Folha
Na semana que passou tivemos a divulgação da inflação de julho para a economia americana. A inflação foi de 0% ante junho e, em 12 meses, diminuiu de 9,1% em junho para 8,5% em julho. Começa o processo de redução da inflação cheia nos Estados Unidos. A queda foi liderada pelo preço das matérias-primas de energia, com deflação em julho de 7,6%.
Há muita reversão de choques de preços para ocorrer nos próximos meses. Por exemplo, a inflação de alimentos fechou julho a 11% em 12 meses.
A taxa básica de juros fixada pelo Banco Central deles, o Fed, após a elevação de 0,75 ponto percentual na reunião de final de julho, encontra-se no intervalo entre 2,25% e 2,5%. Tudo sugere que o ciclo de alta da taxa básica, conhecida por Fed Funds, irá até o intervalo de 3,75% a 4%. Em algum momento no primeiro trimestre de 2023 o Fed encerrará o ciclo de alta.
A dúvida maior é o grau de inércia na inflação no final do primeiro trimestre de 2023. Uma outra maneira de olhar o problema é sabermos em que nível a inflação se estabilizará após a reversão dos choques. Provavelmente em uma faixa entre 3% e 5%. Exatamente em que valor ninguém sabe. Há sinais de que o processo inflacionário está muito disseminado. Nos últimos 12 meses, a mediana das taxas de variação dos diversos itens que compõem o IPCA deles elevou-se 6,7%.
Se em março de 2023 descobrirmos que a inflação está próxima de 3% e as expectativas 12 meses à frente apontam inflação na casa de 2,5%, o Fed –dado que a meta é 2% e que nos últimos anos aumentou a tolerância do BC dos EUA com desvios da meta para maior– pode começar um ciclo de normalização da taxa de juros. O custo em termos de desemprego da desinflação terá sido muito baixo. Será uma excelente notícia.
Se, por outro lado, em março de 2023 a inflação se estabilizar em 5% e as expectativas 12 meses à frente estiverem na casa de 3,5% ou mais, o Fed não poderá parar o ciclo de elevação da taxa básica de juros. Será necessária uma desaceleração mais acentuada da economia americana para que a taxa de desemprego suba e, consequentemente, se quebre a inércia e a inflação caia.
No primeiro semestre a economia americana recuou 2,5%: 1,6% no primeiro trimestre e 0,9% no segundo. No primeiro trimestre, o recuo ocorreu em função de dificuldades de a oferta atender à demanda privada, visto que esta cresceu 2,5%. No segundo trimestre houve queda no investimento imobiliário e no consumo de bens. No entanto, o consumo de serviços cresceu acima de 4%. Adicionalmente, parcela significativa da demanda no segundo trimestre foi atendida por queda dos estoques, que retiraram 2 pontos percentuais do crescimento.
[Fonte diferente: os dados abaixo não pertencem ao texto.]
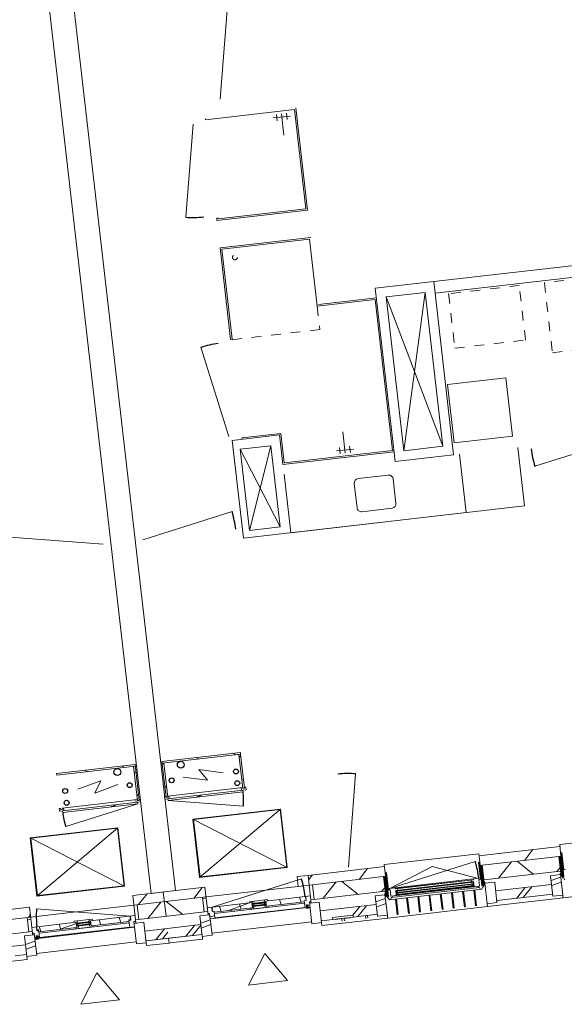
# Model space of a CAD drawing. Header units: metres. Extents: x 136266 to 136452, y 453403 to 453560.
# Tile 121 of 133: x 136305.86 to 136311.42, y 453531.79 to 453541.84. Entities that reach past the tile are written whole.
import ezdxf

# ---------------------------------------------------------------- set-up
doc = ezdxf.new("R2010")
doc.units = ezdxf.units.M
doc.linetypes.add('GS streep 0_60mm', pattern=[1.2, 0.6, -0.6])
doc.linetypes.add('GS streep 0_75mm', pattern=[1.5, 0.75, -0.75])
for name, color, linetype, lineweight in [('A-DETL-BEBOUWING', 253, 'Continuous', 9), ('A-DETL-GENF', 92, 'Continuous', 5), ('A-DETL-GENF-4', 252, 'Continuous', 9), ('A-FLOR', 192, 'Continuous', 5), ('M-EQPM-1', 50, 'GS streep 0_60mm', 5), ('P-SANR-FIXT-1', 6, 'GS streep 0_75mm', 5)]:
    doc.layers.add(name, color=color, linetype=linetype, lineweight=lineweight)
pattern_1 = [(76.778, (1020.1, 631.95), (-389.3965, 91.4899), [])]
pattern_2 = [(45, (7e-05, 2e-05), (-141.42136, 141.42136), []), (135, (7e-05, 2e-05), (-141.42136, -141.42136), [])]
pattern_3 = [(45, (7e-05, 2e-05), (-141.42136, 141.42136), [])]
pattern_4 = [(45, (0.0001, 6e-05), (-141.42136, 141.42136), [])]
pattern_5 = [(0, (0, 0), (0, 200), [])]

# ---------------------------------------------------------------- blocks, each defined once
blk = doc.blocks.new('859-DO-0010 29-09-2022')
at = {"layer": 'A-DETL-BEBOUWING'}
h = blk.add_hatch(dxfattribs=at)
h.set_pattern_fill('FP_1368', color=256, angle=45, style=0, pattern_type=2)
h.set_pattern_definition([(76.778, (18427.7, 79024.07), (-412.955, 97.025), []), (166.778, (18427.7, 79024.07), (-97.025, -412.955), [])])
h.paths.add_polyline_path([(16132, 77602), (16465, 77808), (16386, 77936), (16053, 77730)])
h.paths.add_polyline_path([(17425, 78403), (18045, 78787), (17965, 78914), (17346, 78531)])
h.paths.add_polyline_path([(18906, 79320), (19575, 79735), (19495, 79862), (18827, 79448), (18882, 79359)])
h.paths.add_polyline_path([(20436, 80268), (20723, 80446), (20644, 80573), (20357, 80396), (20412, 80307)])
h = blk.add_hatch(dxfattribs=at)
h.set_pattern_fill('FP_1367', color=256, angle=45, style=0, pattern_type=2)
h.set_pattern_definition([(76.778, (18546.2, 78832.8), (-389.396, 91.49), []), (76.778, (19566.33, 79464.76), (-389.396, 91.49), [])])
h.paths.add_polyline_path([(16251, 77411), (16543, 77592), (16491, 77677), (16198, 77496), (16225, 77453)])
h.paths.add_polyline_path([(17585, 78237), (17684, 78299), (17674, 78315), (17853, 78426), (17863, 78410), (18073, 78540), (18021, 78625), (17532, 78322), (17558, 78280)])
h.paths.add_polyline_path([(19115, 79185), (19604, 79488), (19551, 79573), (19063, 79269), (19088, 79227)])
h.paths.add_polyline_path([(20645, 80133), (20841, 80255), (20789, 80340), (20592, 80218), (20619, 80175)])
h = blk.add_hatch(dxfattribs=at)
h.set_pattern_fill('FP_841', color=256, angle=45, style=0, pattern_type=2)
h.set_pattern_definition([(76.778, (1020.1, 631.95), (-389.3965, 91.4899), [])])
h.paths.add_polyline_path([(18808, 79436), (19515, 79874), (19462, 79959), (18756, 79521), (18789, 79468)])
h = blk.add_hatch(dxfattribs=at)
h.set_pattern_fill('FP_1659', color=256, angle=121.778, style=0, pattern_type=2)
h.set_pattern_definition([(301.778, (19536.015, 79932.424), (43.185, 26.753), [50.8, 0, 0, 0]), (301.778, (19531.696, 79929.75), (43.185, 26.753), [50.8, 0, 0, 0]), (301.778, (19527.38, 79927.073), (43.185, 26.753), [50.8, 0, 0, 0]), (301.778, (19523.06, 79924.4), (43.185, 26.753), [50.8, 0, 0, 0]), (301.778, (19518.74, 79921.72), (43.185, 26.753), [50.8, 0, 0, 0]), (301.778, (19514.42, 79919.047), (43.185, 26.753), [50.8, 0, 0, 0]), (301.778, (19510.104, 79916.37), (43.185, 26.753), [50.8, 0, 0, 0]), (301.778, (19505.785, 79913.697), (43.185, 26.753), [50.8, 0, 0, 0]), (301.778, (19501.467, 79911.02), (43.185, 26.753), [50.8, 0, 0, 0]), (301.778, (19497.15, 79908.346), (43.185, 26.753), [50.8, 0, 0, 0])])
h.paths.add_polyline_path([(19514, 79898), (19506, 79912), (19495, 79905), (19589, 79755), (19599, 79761), (19525, 79880)])
h = blk.add_hatch(dxfattribs=at)
h.set_pattern_fill('FP_419', color=256, angle=121.778, style=0, pattern_type=2)
h.set_pattern_definition([(301.778, (19536.8, 79889.384), (43.185, 26.753), [50.8, 0, 0, 0]), (301.778, (19532.48, 79886.71), (43.185, 26.753), [50.8, 0, 0, 0]), (301.778, (19528.16, 79884.034), (43.185, 26.753), [50.8, 0, 0, 0]), (301.778, (19523.84, 79881.36), (43.185, 26.753), [50.8, 0, 0, 0]), (301.778, (19519.524, 79878.683), (43.185, 26.753), [50.8, 0, 0, 0]), (301.778, (19515.205, 79876.01), (43.185, 26.753), [50.8, 0, 0, 0]), (301.778, (19510.887, 79873.33), (43.185, 26.753), [50.8, 0, 0, 0]), (301.778, (19506.57, 79870.657), (43.185, 26.753), [50.8, 0, 0, 0]), (301.778, (19502.25, 79867.98), (43.185, 26.753), [50.8, 0, 0, 0]), (301.778, (19497.93, 79865.307), (43.185, 26.753), [50.8, 0, 0, 0])])
h.paths.add_polyline_path([(19515, 79874), (19496, 79862), (19603, 79690), (19622, 79701)])
h = blk.add_hatch(dxfattribs=at)
h.set_pattern_fill('FP_1371', color=256, angle=-58.222, style=0, pattern_type=2)
h.set_pattern_definition([(45, (0.0001, 6e-05), (-282.8427, 282.8427), []), (45, (1200, 0.0003), (-282.8427, 282.8427), [])])
h.paths.add_polyline_path([(19614, 79471), (19699, 79523), (19588, 79702), (19503, 79649), (19562, 79554)])
h = blk.add_hatch(dxfattribs=at)
h.set_pattern_fill('FP_751', color=256, style=0, pattern_type=2)
h.set_pattern_definition(pattern_5)
h.paths.add_polyline_path([(15430, 78998), (16115, 79423), (16105, 79438), (15420, 79014)])
h = blk.add_hatch(dxfattribs=at)
h.set_pattern_fill('FP_738', color=256, style=0, pattern_type=2)
h.set_pattern_definition(pattern_5)
h.paths.add_polyline_path([(16284, 79116), (16299, 79125), (16115, 79423), (16100, 79413), (16180, 79284)])
h = blk.add_hatch(dxfattribs=at)
h.set_pattern_fill('FP_1658', color=256, angle=121.778, style=0, pattern_type=2)
h.set_pattern_definition([(301.778, (18746.67, 79443.43), (-43.185, -26.753), [50.8, 0, 0, 0]), (301.778, (18750.99, 79446.104), (-43.185, -26.753), [50.8, 0, 0, 0]), (301.778, (18755.31, 79448.78), (-43.185, -26.753), [50.8, 0, 0, 0]), (301.778, (18759.626, 79451.455), (-43.185, -26.753), [50.8, 0, 0, 0]), (301.778, (18763.945, 79454.13), (-43.185, -26.753), [50.8, 0, 0, 0]), (301.778, (18768.263, 79456.806), (-43.185, -26.753), [50.8, 0, 0, 0]), (301.778, (18772.58, 79459.48), (-43.185, -26.753), [50.8, 0, 0, 0]), (301.778, (18776.9, 79462.156), (-43.185, -26.753), [50.8, 0, 0, 0]), (301.778, (18781.22, 79464.83), (-43.185, -26.753), [50.8, 0, 0, 0]), (301.778, (18785.537, 79467.507), (-43.185, -26.753), [50.8, 0, 0, 0])])
h.paths.add_polyline_path([(18808, 79436), (18789, 79468), (18779, 79461), (18872, 79311), (18882, 79317)])
h = blk.add_hatch(dxfattribs=at)
h.set_pattern_fill('FP_939', color=256, angle=180, style=0, pattern_type=2)
h.set_pattern_definition([(301.778, (18784.86, 79423.56), (-43.185, -26.753), [50.8, 0, 0, 0]), (301.778, (18789.176, 79426.237), (-43.185, -26.753), [50.8, 0, 0, 0]), (301.778, (18793.495, 79428.91), (-43.185, -26.753), [50.8, 0, 0, 0]), (301.778, (18797.813, 79431.587), (-43.185, -26.753), [50.8, 0, 0, 0]), (301.778, (18802.13, 79434.263), (-43.185, -26.753), [50.8, 0, 0, 0]), (301.778, (18806.45, 79436.94), (-43.185, -26.753), [50.8, 0, 0, 0]), (301.778, (18810.77, 79439.613), (-43.185, -26.753), [50.8, 0, 0, 0]), (301.778, (18815.087, 79442.29), (-43.185, -26.753), [50.8, 0, 0, 0]), (301.778, (18819.406, 79444.964), (-43.185, -26.753), [50.8, 0, 0, 0]), (301.778, (18823.724, 79447.64), (-43.185, -26.753), [50.8, 0, 0, 0])])
h.paths.add_polyline_path([(18827, 79448), (18808, 79436), (18915, 79264), (18934, 79275), (18831, 79442)])
h = blk.add_hatch(color=256, dxfattribs=at)
h.paths.add_polyline_path([(18141, 78842), (18144, 78839), (18155, 78846), (18153, 78849)])
h.paths.add_polyline_path([(18168, 78800), (18180, 78807), (18178, 78810), (18166, 78803)])
h.paths.add_polyline_path([(18828, 79209), (18840, 79216), (18838, 79219), (18826, 79212)])
h.paths.add_polyline_path([(18804, 79248), (18816, 79255), (18814, 79259), (18802, 79251)])
for points in [[(18146, 78835), (18818, 79252), (18816, 79255), (18144, 78839)], [(18156, 78819), (18828, 79236), (18826, 79239), (18154, 78822)], [(18166, 78803), (18838, 79219), (18836, 79223), (18164, 78806)], [(17397, 78288), (17410, 78296), (17392, 78326), (17378, 78317)], [(17389, 78287), (17415, 78302), (17412, 78307), (17387, 78291)], [(16875, 78087), (16993, 78160), (16991, 78164), (16873, 78090)], [(16885, 78071), (17003, 78144), (17001, 78147), (16883, 78074)], [(15458, 77220), (15340, 77147), (15342, 77143), (15461, 77217)], [(15468, 77204), (15350, 77131), (15352, 77127), (15471, 77200)], [(15019, 76856), (15038, 76826), (15051, 76835), (15033, 76864)], [(15028, 76829), (15030, 76825), (15056, 76841), (15053, 76845)]]:
    blk.add_hatch(color=256, dxfattribs=at).paths.add_polyline_path(points)
h = blk.add_hatch(dxfattribs=at)
h.set_pattern_fill('FP_2213', color=256, angle=31.778, style=0, pattern_type=2)
h.set_pattern_definition([(45, (-0.0003, -0.0002), (-141.42136, 141.42136), [])])
h.paths.add_polyline_path([(15647, 78682), (16301, 79088), (16293, 79101), (15638, 78696)])
h = blk.add_hatch(dxfattribs=at)
h.set_pattern_fill('FP_1408', color=256, style=0, pattern_type=2)
h.set_pattern_definition(pattern_5)
h.paths.add_polyline_path([(15614, 78701), (15629, 78710), (15445, 79008), (15430, 78998), (15459, 78951)])
h = blk.add_hatch(dxfattribs=at)
h.set_pattern_fill('FP_841', color=256, angle=45, style=0, pattern_type=2)
h.set_pattern_definition(pattern_1)
h.paths.add_polyline_path([(17316, 78512), (17985, 78926), (17932, 79011), (17264, 78597)])
h = blk.add_hatch(dxfattribs=at)
h.set_pattern_fill('FP_1659', color=256, angle=121.778, style=0, pattern_type=2)
h.set_pattern_definition([(301.778, (18005.844, 78984.49), (43.185, 26.753), [50.8, 0, 0, 0]), (301.778, (18001.525, 78981.815), (43.185, 26.753), [50.8, 0, 0, 0]), (301.778, (17997.207, 78979.14), (43.185, 26.753), [50.8, 0, 0, 0]), (301.778, (17992.89, 78976.465), (43.185, 26.753), [50.8, 0, 0, 0]), (301.778, (17988.57, 78973.79), (43.185, 26.753), [50.8, 0, 0, 0]), (301.778, (17984.25, 78971.114), (43.185, 26.753), [50.8, 0, 0, 0]), (301.778, (17979.933, 78968.44), (43.185, 26.753), [50.8, 0, 0, 0]), (301.778, (17975.614, 78965.764), (43.185, 26.753), [50.8, 0, 0, 0]), (301.778, (17971.296, 78963.09), (43.185, 26.753), [50.8, 0, 0, 0]), (301.778, (17966.977, 78960.413), (43.185, 26.753), [50.8, 0, 0, 0])])
h.paths.add_polyline_path([(17984, 78950), (17975, 78964), (17965, 78958), (18058, 78807), (18069, 78813), (17995, 78932)])
h = blk.add_hatch(dxfattribs=at)
h.set_pattern_fill('FP_419', color=256, angle=121.778, style=0, pattern_type=2)
h.set_pattern_definition([(301.778, (18006.627, 78941.45), (43.185, 26.753), [50.8, 0, 0, 0]), (301.778, (18002.31, 78938.776), (43.185, 26.753), [50.8, 0, 0, 0]), (301.778, (17997.99, 78936.1), (43.185, 26.753), [50.8, 0, 0, 0]), (301.778, (17993.67, 78933.425), (43.185, 26.753), [50.8, 0, 0, 0]), (301.778, (17989.353, 78930.75), (43.185, 26.753), [50.8, 0, 0, 0]), (301.778, (17985.034, 78928.075), (43.185, 26.753), [50.8, 0, 0, 0]), (301.778, (17980.716, 78925.4), (43.185, 26.753), [50.8, 0, 0, 0]), (301.778, (17976.397, 78922.724), (43.185, 26.753), [50.8, 0, 0, 0]), (301.778, (17972.08, 78920.05), (43.185, 26.753), [50.8, 0, 0, 0]), (301.778, (17967.76, 78917.374), (43.185, 26.753), [50.8, 0, 0, 0])])
h.paths.add_polyline_path([(17985, 78926), (17966, 78914), (18073, 78742), (18092, 78753)])
h = blk.add_hatch(dxfattribs=at)
h.set_pattern_fill('FP_751', color=256, style=0, pattern_type=2)
h.set_pattern_definition(pattern_5)
h.paths.add_polyline_path([(14510, 78429), (15195, 78853), (15186, 78868), (14501, 78444)])
h = blk.add_hatch(dxfattribs=at)
h.set_pattern_fill('FP_739', color=256, style=0, pattern_type=2)
h.set_pattern_definition(pattern_5)
h.paths.add_polyline_path([(15364, 78546), (15380, 78556), (15195, 78853), (15180, 78844), (15297, 78655)])
h = blk.add_hatch(dxfattribs=at)
h.set_pattern_fill('FP_2212', color=256, angle=31.778, style=0, pattern_type=2)
h.set_pattern_definition([(45, (-0.0002, 0.0004), (-141.42136, 141.42136), [])])
h.paths.add_polyline_path([(15611, 78679), (15650, 78703), (15636, 78726), (15624, 78719), (15629, 78710), (15614, 78701), (15609, 78709), (15597, 78702)])
h = blk.add_hatch(dxfattribs=at)
h.set_pattern_fill('FP_1370', color=256, angle=-58.222, style=0, pattern_type=2)
h.set_pattern_definition([(45, (0.0001, 6e-05), (-282.8427, 282.8427), []), (45, (1200, 0.0003), (-282.8427, 282.8427), [])])
h.paths.add_polyline_path([(18084, 78523), (18169, 78576), (18058, 78754), (17973, 78701), (18002, 78655)])
h = blk.add_hatch(dxfattribs=at)
h.set_pattern_fill('FP_2205', color=256, angle=-148.222, style=0, pattern_type=2)
h.set_pattern_definition([(45, (-0.0003, -0.0002), (-141.42136, 141.42136), [])])
h.paths.add_polyline_path([(14727, 78113), (15382, 78518), (15373, 78532), (14719, 78126)])
h = blk.add_hatch(dxfattribs=at)
h.set_pattern_fill('FP_1374', color=256, angle=-148.222, style=0, pattern_type=2)
h.set_pattern_definition(pattern_4)
h.paths.add_polyline_path([(17395, 78385), (17425, 78403), (17346, 78531), (17316, 78512)])
h = blk.add_hatch(dxfattribs=at)
h.set_pattern_fill('FP_1373', color=256, angle=-148.222, style=0, pattern_type=2)
h.set_pattern_definition([(45, (0.0001, 6e-05), (-141.42136, 141.42136), []), (135, (0.0001, 6e-05), (-141.42136, -141.42136), [])])
h.paths.add_polyline_path([(16560, 77849), (16892, 78055), (16863, 78101), (16517, 77886), (16539, 77851), (16554, 77860)])
h.paths.add_polyline_path([(17015, 78131), (17346, 78337), (17340, 78347), (17355, 78356), (17332, 78391), (16986, 78177)])
h = blk.add_hatch(color=256, dxfattribs=at)
h.paths.add_polyline_path([(16873, 78090), (16885, 78098), (16883, 78101), (16871, 78094)])
h.paths.add_polyline_path([(16887, 78067), (16899, 78075), (16897, 78078), (16885, 78071)])
h.paths.add_polyline_path([(16977, 78160), (16979, 78156), (16991, 78164), (16989, 78167)])
h.paths.add_polyline_path([(16994, 78133), (17006, 78141), (17003, 78144), (16991, 78137)])
h = blk.add_hatch(dxfattribs=at)
h.set_pattern_fill('FP_841', color=256, angle=45, style=0, pattern_type=2)
h.set_pattern_definition(pattern_1)
h.paths.add_polyline_path([(16053, 77730), (16416, 77954), (16364, 78039), (16001, 77815), (16037, 77756)])
h = blk.add_hatch(dxfattribs=at)
h.set_pattern_fill('FP_1374', color=256, angle=-148.222, style=0, pattern_type=2)
h.set_pattern_definition(pattern_4)
h.paths.add_polyline_path([(16465, 77808), (16495, 77827), (16416, 77954), (16386, 77936)])
h = blk.add_hatch(dxfattribs=at)
h.set_pattern_fill('FP_1372', color=256, angle=-148.222, style=0, pattern_type=2)
h.set_pattern_definition([(45, (0.0001, 6e-05), (-141.42136, 141.42136), []), (135, (0.0001, 6e-05), (-141.42136, -141.42136), [])])
h.paths.add_polyline_path([(16549, 77772), (16592, 77798), (16554, 77860), (16537, 77849), (16515, 77885), (16475, 77860), (16506, 77809), (16521, 77818)])
h = blk.add_hatch(dxfattribs=at)
h.set_pattern_fill('FP_841', color=256, angle=45, style=0, pattern_type=2)
h.set_pattern_definition(pattern_1)
h.paths.add_polyline_path([(15786, 77564), (16053, 77730), (16001, 77815), (15734, 77649)])
h = blk.add_hatch(dxfattribs=at)
h.set_pattern_fill('FP_1369', color=256, angle=-58.222, style=0, pattern_type=2)
h.set_pattern_definition([(45, (0.0001, 6e-05), (-282.8427, 282.8427), []), (45, (1200, 0.0003), (-282.8427, 282.8427), [])])
h.paths.add_polyline_path([(16554, 77575), (16639, 77628), (16528, 77806), (16443, 77753)])
h = blk.add_hatch(dxfattribs=at)
h.set_pattern_fill('FP_915', color=256, angle=45, style=0, pattern_type=2)
h.set_pattern_definition([(76.778, (13837.2, 76180.27), (-412.955, 97.025), []), (166.778, (13837.2, 76180.27), (-97.025, -412.955), [])])
h.paths.add_polyline_path([(11542, 74758), (11924, 74995), (11845, 75122), (11463, 74886)])
h.paths.add_polyline_path([(12785, 75529), (13454, 75943), (13375, 76070), (12706, 75656), (12761, 75567)])
h.paths.add_polyline_path([(14316, 76477), (14935, 76861), (14856, 76988), (14237, 76604), (14292, 76515)])
h.paths.add_polyline_path([(15895, 77455), (16132, 77602), (16053, 77730), (15816, 77583)])
h = blk.add_hatch(dxfattribs=at)
h.set_pattern_fill('FP_966', color=256, angle=31.778, style=0, pattern_type=2)
h.set_pattern_definition(pattern_3)
h.paths.add_polyline_path([(15865, 77437), (15895, 77455), (15816, 77583), (15786, 77564)])
h = blk.add_hatch(dxfattribs=at)
h.set_pattern_fill('FP_385', color=256, angle=45, style=0, pattern_type=2)
h.set_pattern_definition([(76.778, (13955.7, 75989), (-389.396, 91.49), []), (76.778, (14975.8, 76620.96), (-389.396, 91.49), [])])
h.paths.add_polyline_path([(11660, 74567), (11953, 74748), (11900, 74833), (11608, 74652), (11635, 74608)])
h.paths.add_polyline_path([(12994, 75393), (13483, 75696), (13430, 75781), (12941, 75478), (12968, 75436)])
h.paths.add_polyline_path([(14524, 76341), (14735, 76472), (14725, 76488), (14903, 76598), (14914, 76583), (15013, 76644), (14960, 76729), (14472, 76426), (14498, 76384)])
h.paths.add_polyline_path([(16054, 77289), (16251, 77411), (16198, 77496), (16002, 77374), (16044, 77306)])
h = blk.add_hatch(dxfattribs=at)
h.set_pattern_fill('FP_965', color=256, angle=31.778, style=0, pattern_type=2)
h.set_pattern_definition(pattern_2)
h.paths.add_polyline_path([(15027, 76906), (15359, 77111), (15330, 77157), (14984, 76943), (15007, 76907), (15021, 76916)])
h.paths.add_polyline_path([(15482, 77188), (15814, 77393), (15807, 77403), (15822, 77412), (15800, 77448), (15454, 77233), (15459, 77225)])
h = blk.add_hatch(dxfattribs=at)
h.set_pattern_fill('FP_965', color=256, angle=31.778, style=0, pattern_type=2)
h.set_pattern_definition(pattern_2)
h.paths.add_polyline_path([(15352, 77093), (15374, 77106), (15366, 77131), (15352, 77122), (15359, 77111), (15343, 77101)])
h.paths.add_polyline_path([(15310, 77145), (15330, 77157), (15336, 77149), (15350, 77158), (15334, 77173), (15307, 77157)])
h.paths.add_polyline_path([(15480, 77172), (15502, 77186), (15498, 77198), (15482, 77188), (15475, 77199), (15461, 77190)])
h.paths.add_polyline_path([(15444, 77216), (15459, 77225), (15454, 77233), (15474, 77246), (15465, 77254), (15438, 77238)])
h = blk.add_hatch(color=256, dxfattribs=at)
h.paths.add_polyline_path([(15456, 77223), (15444, 77216), (15447, 77213), (15458, 77220)])
h.paths.add_polyline_path([(15471, 77200), (15459, 77193), (15461, 77190), (15473, 77197)])
h.paths.add_polyline_path([(15350, 77158), (15338, 77150), (15340, 77147), (15352, 77154)])
h.paths.add_polyline_path([(15364, 77135), (15352, 77127), (15355, 77124), (15366, 77131)])
h = blk.add_hatch(dxfattribs=at)
h.set_pattern_fill('FP_841', color=256, angle=45, style=0, pattern_type=2)
h.set_pattern_definition(pattern_1)
h.paths.add_polyline_path([(14218, 76593), (14886, 77006), (14833, 77092), (14165, 76678), (14198, 76624)])
h = blk.add_hatch(dxfattribs=at)
h.set_pattern_fill('FP_966', color=256, angle=31.778, style=0, pattern_type=2)
h.set_pattern_definition(pattern_3)
h.paths.add_polyline_path([(14935, 76861), (14965, 76879), (14886, 77006), (14856, 76988)])
h = blk.add_hatch(dxfattribs=at)
h.set_pattern_fill('FP_831', color=256, angle=31.778, style=0, pattern_type=2)
h.set_pattern_definition([(45, (-2.6, 4.27), (-141.42136, 141.42136), []), (135, (-2.6, 4.27), (-141.42136, -141.42136), [])])
h.paths.add_polyline_path([(15016, 76828), (15059, 76855), (15021, 76916), (15004, 76905), (14982, 76941), (14942, 76916), (14973, 76865), (14988, 76874), (14997, 76860)])
h = blk.add_hatch(dxfattribs=at)
h.set_pattern_fill('FP_961', color=256, angle=-58.222, style=0, pattern_type=2)
h.set_pattern_definition([(45, (7e-05, 2e-05), (-282.8427, 282.8427), []), (45, (1200, 0.0003), (-282.8427, 282.8427), [])])
h.paths.add_polyline_path([(15024, 76627), (15109, 76680), (14998, 76858), (14913, 76806)])
for centre, radius in [((16147, 79243), 25), ((15609, 79066), 35), ((16210, 79141), 25), ((15593, 78882), 25), ((15055, 78722), 35), ((15226, 78655), 25), ((14657, 78320), 25), ((14721, 78218), 25)]:
    blk.add_circle(centre, radius)
for centre, radius, start, end in [((12934, 85034), 954, 290.778, 301.778), ((18278, 84008), 954, 211.778, 222.778), ((14625, 82305), 954, 121.778, 132.778), ((14280, 80977), 954, 31.778, 42.778), ((17600, 78850), 954, 110.778, 121.778), ((18077, 78833), 911, 31.778, 42.778), ((15647, 78682), 770, 20.778, 31.778), ((16519, 77887), 955, 31.778, 42.778), ((15382, 78518), 770, 211.778, 222.778), ((15798, 77447), 955, 200.778, 211.778)]:
    blk.add_arc(centre, radius, start, end)
for p, q in [((13077, 85382), (12738, 86274)), ((16107, 77881), (11196, 85808)), ((10984, 85676), (15895, 77749)), ((13813, 85629), (14365, 84736)), ((13808, 85608), (13030, 85126)), ((13648, 85439), (13797, 85531)), ((13750, 85540), (13784, 85485)), ((14345, 84741), (13808, 85608)), ((17391, 85587), (15329, 84310)), ((13661, 85485), (13695, 85429)), ((13705, 85512), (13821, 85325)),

Dessa forma, não parece que a “recessão técnica” no primeiro semestre tenha sido de fato uma recessão fruto de carência de demanda agregada. Muito pelo contrário. Parece ter havido dificuldade de a oferta atender à demanda, consequência ainda da desorganização das cadeias produtivas globais e da guerra.
Também houve quedas, no segundo trimestre, no investimento imobiliário e no consumo de bens duráveis, em função da alta fortíssima desses segmentos na recuperação após a parada brusca da economia no segundo trimestre de 2020. Mesmo considerando a queda no segundo trimestre, o investimento imobiliário ainda roda 10% acima do nível observado no final de 2019 e o consumo de duráveis, 22% acima, para uma economia que está 2% acima.
E os dados de mercado de trabalho não apontam nenhuma acomodação. Em julho houve criação de mais de 500 mil empregos e os salários têm subido. Segundo o acompanhamento dos salários conduzido pela unidade do Fed de Atlanta, que limpa os resultados de movimentos provocados apenas por alterações na composição da força de trabalho, em julho os salários nominais elevaram-se 6% em 12 meses e 7% nos últimos três meses. Para aqueles trabalhadores que mudaram de emprego, os números são de respectivamente 6,7% e 8,5%.
Não parece que a desinflação será indolor.